# Infinite Courage: Sikhs As Warriors



## IJSingh (May 11, 2012)

Infinite Courage: Sikhs as Warriors

by I.J. Singh

If anyone knows anything at all about Sikhs it is their martial antecedents. It is usually the first
and often the only topic that Sikhs and non-Sikhs touch upon when the subject is Sikhs or Sikhi.

Their narrative of courage and as warriors is awesome, with few parallels in the annals of
mankind; there exist many scholarly and erudite descriptions and analyses of it.

Remember that human and Indian histories are old with origins lost in antiquity; there really is
no day one to them. But Sikh history is barely 500 years old; the founder of Sikhi, Guru Nanak,
was born only in 1469.

I will not dwell in any detail on the many events of Indian history that might have turned
out painfully different but for the sacrifice and martyrdom of Sikhs, even though they never
amounted to more than two percent of the burgeoning Indian population.

Here is a small sampling of a few “For instances” that are the stuff of memories and history:

India became independent only in 1947. In its protracted struggle for freedom over two thirds of
all Indians who were sentenced to death, imprisonment for life or exile were Sikh.

India’s army, whether under the British or post independence had always been dominated by
Sikh soldiers; indeed its officer corps was better than 40 percent Sikh. The two great World Wars
claimed over a million Sikh lives in defense of freedom; cemeteries in France, Belgium and Italy
bear ample testimony to their courage and sacrifice.

Their awards and haul of the Victoria Crosses and other tributes to courage are larger than that
of any other people of similar numbers. In their heyday the British recognized Sikhs as a martial
race even though anthropologically they are not and never were a separate race.

Modern India also experienced the indomitable Sikh courage in fighting the British in the 1840’s
and in 1920’s for control of their gurduaras; and fighting different enemies in 1947 and in 1984.

Many of these are contemporary matters that come with rich antecedents that shaped a people.
But I leave them to another day. Each demands and deserves a special chapter.

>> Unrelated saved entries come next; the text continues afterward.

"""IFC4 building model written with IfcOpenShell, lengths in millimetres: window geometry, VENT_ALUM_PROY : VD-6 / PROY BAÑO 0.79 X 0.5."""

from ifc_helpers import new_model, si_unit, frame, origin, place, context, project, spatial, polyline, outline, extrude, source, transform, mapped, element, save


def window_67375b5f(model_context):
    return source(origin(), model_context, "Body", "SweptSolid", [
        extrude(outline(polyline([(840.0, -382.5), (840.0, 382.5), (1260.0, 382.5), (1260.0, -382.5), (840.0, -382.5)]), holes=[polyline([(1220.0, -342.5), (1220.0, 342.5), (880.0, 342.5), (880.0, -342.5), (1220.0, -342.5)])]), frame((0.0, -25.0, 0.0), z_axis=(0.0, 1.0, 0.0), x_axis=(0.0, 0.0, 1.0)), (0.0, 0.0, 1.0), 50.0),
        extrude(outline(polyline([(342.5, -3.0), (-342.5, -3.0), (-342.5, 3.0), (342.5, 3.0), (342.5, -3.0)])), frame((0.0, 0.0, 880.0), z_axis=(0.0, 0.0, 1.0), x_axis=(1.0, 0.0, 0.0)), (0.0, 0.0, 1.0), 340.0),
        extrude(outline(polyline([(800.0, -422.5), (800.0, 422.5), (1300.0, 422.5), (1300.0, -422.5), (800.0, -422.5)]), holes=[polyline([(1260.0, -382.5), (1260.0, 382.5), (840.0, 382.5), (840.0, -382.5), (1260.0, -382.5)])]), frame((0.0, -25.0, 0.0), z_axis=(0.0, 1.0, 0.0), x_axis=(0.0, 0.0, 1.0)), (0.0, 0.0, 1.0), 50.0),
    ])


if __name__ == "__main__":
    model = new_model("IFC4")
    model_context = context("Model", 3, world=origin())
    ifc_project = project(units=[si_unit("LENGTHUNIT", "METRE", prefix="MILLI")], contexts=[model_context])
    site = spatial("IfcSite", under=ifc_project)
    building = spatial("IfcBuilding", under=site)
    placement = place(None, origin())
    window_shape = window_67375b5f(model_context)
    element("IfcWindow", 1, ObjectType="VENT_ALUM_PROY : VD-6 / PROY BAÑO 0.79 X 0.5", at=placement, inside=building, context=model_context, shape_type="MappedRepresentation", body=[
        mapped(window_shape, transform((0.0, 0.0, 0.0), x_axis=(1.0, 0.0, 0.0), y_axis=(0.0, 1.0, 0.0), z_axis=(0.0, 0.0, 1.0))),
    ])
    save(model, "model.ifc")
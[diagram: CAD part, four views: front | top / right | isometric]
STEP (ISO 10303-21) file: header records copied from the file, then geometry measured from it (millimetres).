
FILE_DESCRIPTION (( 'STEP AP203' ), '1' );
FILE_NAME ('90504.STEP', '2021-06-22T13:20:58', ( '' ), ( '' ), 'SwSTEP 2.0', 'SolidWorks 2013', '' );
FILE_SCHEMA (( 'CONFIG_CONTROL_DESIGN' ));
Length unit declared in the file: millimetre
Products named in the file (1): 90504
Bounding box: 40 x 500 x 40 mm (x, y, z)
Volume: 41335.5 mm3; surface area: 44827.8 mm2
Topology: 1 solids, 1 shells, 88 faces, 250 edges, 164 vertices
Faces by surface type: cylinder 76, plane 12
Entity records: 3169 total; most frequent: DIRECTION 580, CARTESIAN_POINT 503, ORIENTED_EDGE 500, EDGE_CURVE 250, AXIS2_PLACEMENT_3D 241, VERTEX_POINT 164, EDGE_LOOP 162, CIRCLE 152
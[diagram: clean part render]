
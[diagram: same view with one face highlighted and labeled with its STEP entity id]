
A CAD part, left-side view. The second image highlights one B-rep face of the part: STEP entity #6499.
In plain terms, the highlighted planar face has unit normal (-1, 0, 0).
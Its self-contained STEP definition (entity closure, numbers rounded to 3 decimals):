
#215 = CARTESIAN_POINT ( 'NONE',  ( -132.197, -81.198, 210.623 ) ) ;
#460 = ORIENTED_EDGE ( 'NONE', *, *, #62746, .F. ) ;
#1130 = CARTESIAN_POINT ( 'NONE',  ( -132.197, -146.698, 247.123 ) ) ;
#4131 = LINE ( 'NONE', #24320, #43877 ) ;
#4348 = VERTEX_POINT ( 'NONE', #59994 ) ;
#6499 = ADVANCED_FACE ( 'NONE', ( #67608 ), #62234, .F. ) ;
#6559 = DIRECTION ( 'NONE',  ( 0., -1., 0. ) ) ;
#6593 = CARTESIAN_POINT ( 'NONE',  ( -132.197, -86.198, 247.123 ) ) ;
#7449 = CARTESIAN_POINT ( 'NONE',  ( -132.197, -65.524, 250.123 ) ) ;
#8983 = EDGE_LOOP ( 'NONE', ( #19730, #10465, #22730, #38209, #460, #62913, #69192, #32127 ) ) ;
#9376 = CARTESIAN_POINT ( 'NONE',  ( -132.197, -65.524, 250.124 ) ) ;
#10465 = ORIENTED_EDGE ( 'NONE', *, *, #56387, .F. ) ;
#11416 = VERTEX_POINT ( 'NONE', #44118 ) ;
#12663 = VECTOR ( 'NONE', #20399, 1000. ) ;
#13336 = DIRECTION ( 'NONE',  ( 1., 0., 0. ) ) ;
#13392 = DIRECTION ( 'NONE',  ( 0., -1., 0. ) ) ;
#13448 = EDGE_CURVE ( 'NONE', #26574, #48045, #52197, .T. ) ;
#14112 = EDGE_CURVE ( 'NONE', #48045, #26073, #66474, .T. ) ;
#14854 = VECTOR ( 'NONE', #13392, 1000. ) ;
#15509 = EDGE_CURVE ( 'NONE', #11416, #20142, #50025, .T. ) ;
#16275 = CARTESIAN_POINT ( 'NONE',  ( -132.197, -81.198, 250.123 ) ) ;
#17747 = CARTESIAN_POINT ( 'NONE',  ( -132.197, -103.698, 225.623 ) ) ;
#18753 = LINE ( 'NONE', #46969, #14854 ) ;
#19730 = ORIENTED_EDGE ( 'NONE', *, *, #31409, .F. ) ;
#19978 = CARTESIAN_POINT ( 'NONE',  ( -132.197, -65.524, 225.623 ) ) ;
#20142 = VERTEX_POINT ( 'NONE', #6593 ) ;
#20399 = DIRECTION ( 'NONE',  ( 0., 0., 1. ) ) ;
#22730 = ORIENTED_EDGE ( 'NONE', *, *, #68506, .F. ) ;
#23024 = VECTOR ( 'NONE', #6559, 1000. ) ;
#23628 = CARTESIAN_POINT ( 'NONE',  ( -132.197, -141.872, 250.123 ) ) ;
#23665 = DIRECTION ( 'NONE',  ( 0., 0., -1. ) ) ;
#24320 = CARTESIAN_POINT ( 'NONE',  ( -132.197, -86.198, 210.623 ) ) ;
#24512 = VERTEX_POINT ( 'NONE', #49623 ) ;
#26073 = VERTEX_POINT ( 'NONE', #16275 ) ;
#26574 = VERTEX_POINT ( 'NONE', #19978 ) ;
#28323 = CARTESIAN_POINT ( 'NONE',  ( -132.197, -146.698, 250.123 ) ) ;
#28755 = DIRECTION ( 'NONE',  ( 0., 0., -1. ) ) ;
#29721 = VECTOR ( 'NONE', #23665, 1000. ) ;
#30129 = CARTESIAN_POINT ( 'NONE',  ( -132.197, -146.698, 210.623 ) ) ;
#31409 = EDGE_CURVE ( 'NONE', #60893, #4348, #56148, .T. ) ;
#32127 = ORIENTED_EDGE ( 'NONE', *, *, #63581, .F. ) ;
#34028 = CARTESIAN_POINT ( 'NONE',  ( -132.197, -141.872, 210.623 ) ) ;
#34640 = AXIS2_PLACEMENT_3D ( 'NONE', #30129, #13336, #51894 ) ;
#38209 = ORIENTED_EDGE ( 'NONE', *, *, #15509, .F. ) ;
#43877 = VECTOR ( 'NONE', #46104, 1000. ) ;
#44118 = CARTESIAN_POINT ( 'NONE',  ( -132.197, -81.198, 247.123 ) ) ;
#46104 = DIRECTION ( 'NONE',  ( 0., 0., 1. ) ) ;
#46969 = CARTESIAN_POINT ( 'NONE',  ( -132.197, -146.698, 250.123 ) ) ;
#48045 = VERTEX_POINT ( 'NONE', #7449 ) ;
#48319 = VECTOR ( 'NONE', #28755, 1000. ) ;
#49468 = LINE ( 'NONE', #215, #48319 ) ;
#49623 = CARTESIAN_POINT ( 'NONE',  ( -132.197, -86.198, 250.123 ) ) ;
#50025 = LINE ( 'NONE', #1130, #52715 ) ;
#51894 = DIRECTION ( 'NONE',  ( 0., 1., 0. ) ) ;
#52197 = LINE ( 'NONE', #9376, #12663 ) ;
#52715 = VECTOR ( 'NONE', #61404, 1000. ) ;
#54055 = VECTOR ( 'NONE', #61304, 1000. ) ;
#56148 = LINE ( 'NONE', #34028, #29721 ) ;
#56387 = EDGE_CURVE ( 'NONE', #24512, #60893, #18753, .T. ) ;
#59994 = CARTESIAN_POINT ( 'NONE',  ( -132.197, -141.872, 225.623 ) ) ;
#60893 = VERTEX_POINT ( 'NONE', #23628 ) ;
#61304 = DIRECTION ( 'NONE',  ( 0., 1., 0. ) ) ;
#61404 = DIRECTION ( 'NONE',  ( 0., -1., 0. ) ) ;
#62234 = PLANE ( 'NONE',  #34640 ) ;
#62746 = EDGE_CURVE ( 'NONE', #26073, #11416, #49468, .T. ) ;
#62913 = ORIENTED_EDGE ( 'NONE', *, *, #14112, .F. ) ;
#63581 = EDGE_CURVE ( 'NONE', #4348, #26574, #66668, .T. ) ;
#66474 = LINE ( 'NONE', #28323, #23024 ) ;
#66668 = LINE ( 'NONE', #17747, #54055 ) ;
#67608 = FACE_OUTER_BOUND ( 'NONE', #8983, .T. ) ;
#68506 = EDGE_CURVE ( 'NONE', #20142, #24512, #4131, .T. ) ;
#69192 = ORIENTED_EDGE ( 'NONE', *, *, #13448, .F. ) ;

A map of the Indian subcontinent reveals interesting political geography. Its northern border
is the Himalayan mountain range, as good a natural and impenetrable barrier as nature could
design, and reinforced by India’s triangular rim guarded by the sea. This left only a murky and
risky passage through the Khyber Pass into northwest India – connecting Afghanistan and the
Middle East with Punjab, the homeland of the Sikhs.

And until the Continental Europeans and the British came in larger numbers by the sea, it was

the Khyber Pass that was the inlet for the myriad invaders of India, from the Caucasian-Aryans
to the Greeks under Alexander the Great, Mongols, Persians, Afghans, Egyptians Arabs and
sundry tribals from the Middle East; they came to conquer and stay, plunder and return or perish.

As Islam entered the mix, a hefty dose of religious tension, friction, fanaticism and intolerance
was added to the heady brew of invasions.

Thus invasions of India through the Khyber Pass became, for millennia, an annually recurring
theme until Sikhs finally put a stop to it in the early 18th century. I also acknowledge that during
the 16th and 17th centuries the Mughal Empire largely curtailed such “across the border” raids.

My thoughts go the oft-chanted cry “Remember the Alamo” that is now embedded in American
ethos and history. There are so many incidents like that in Sikh history – like the siege of
Anandpur in the 17th century and the battle of Saragarhi in the 20th. I can do no better than to
cite Gary Brecher, a commentator on military tradition, that “Sikh military history is so packed
with glorious last stands that George Armstrong Custer would be a smalltime footnote if he'd
worn a big turban ...”

Poets and balladeers still sing of infinite courage and nobility of Sikhs in battle even when stakes
were high and ground realities against them. Their foes, even when demeaning them as “dogs”
wrote that Sikhs did not loot civilians or abduct their women; they fought honorably, ministered
a fallen foe; and readily negotiated peace even in the midst of the most horrendous battle. As
General Eisenhower reputedly said “What matters in a fight is not the size of the dog but the size
of the fight in the dog.” This is courage.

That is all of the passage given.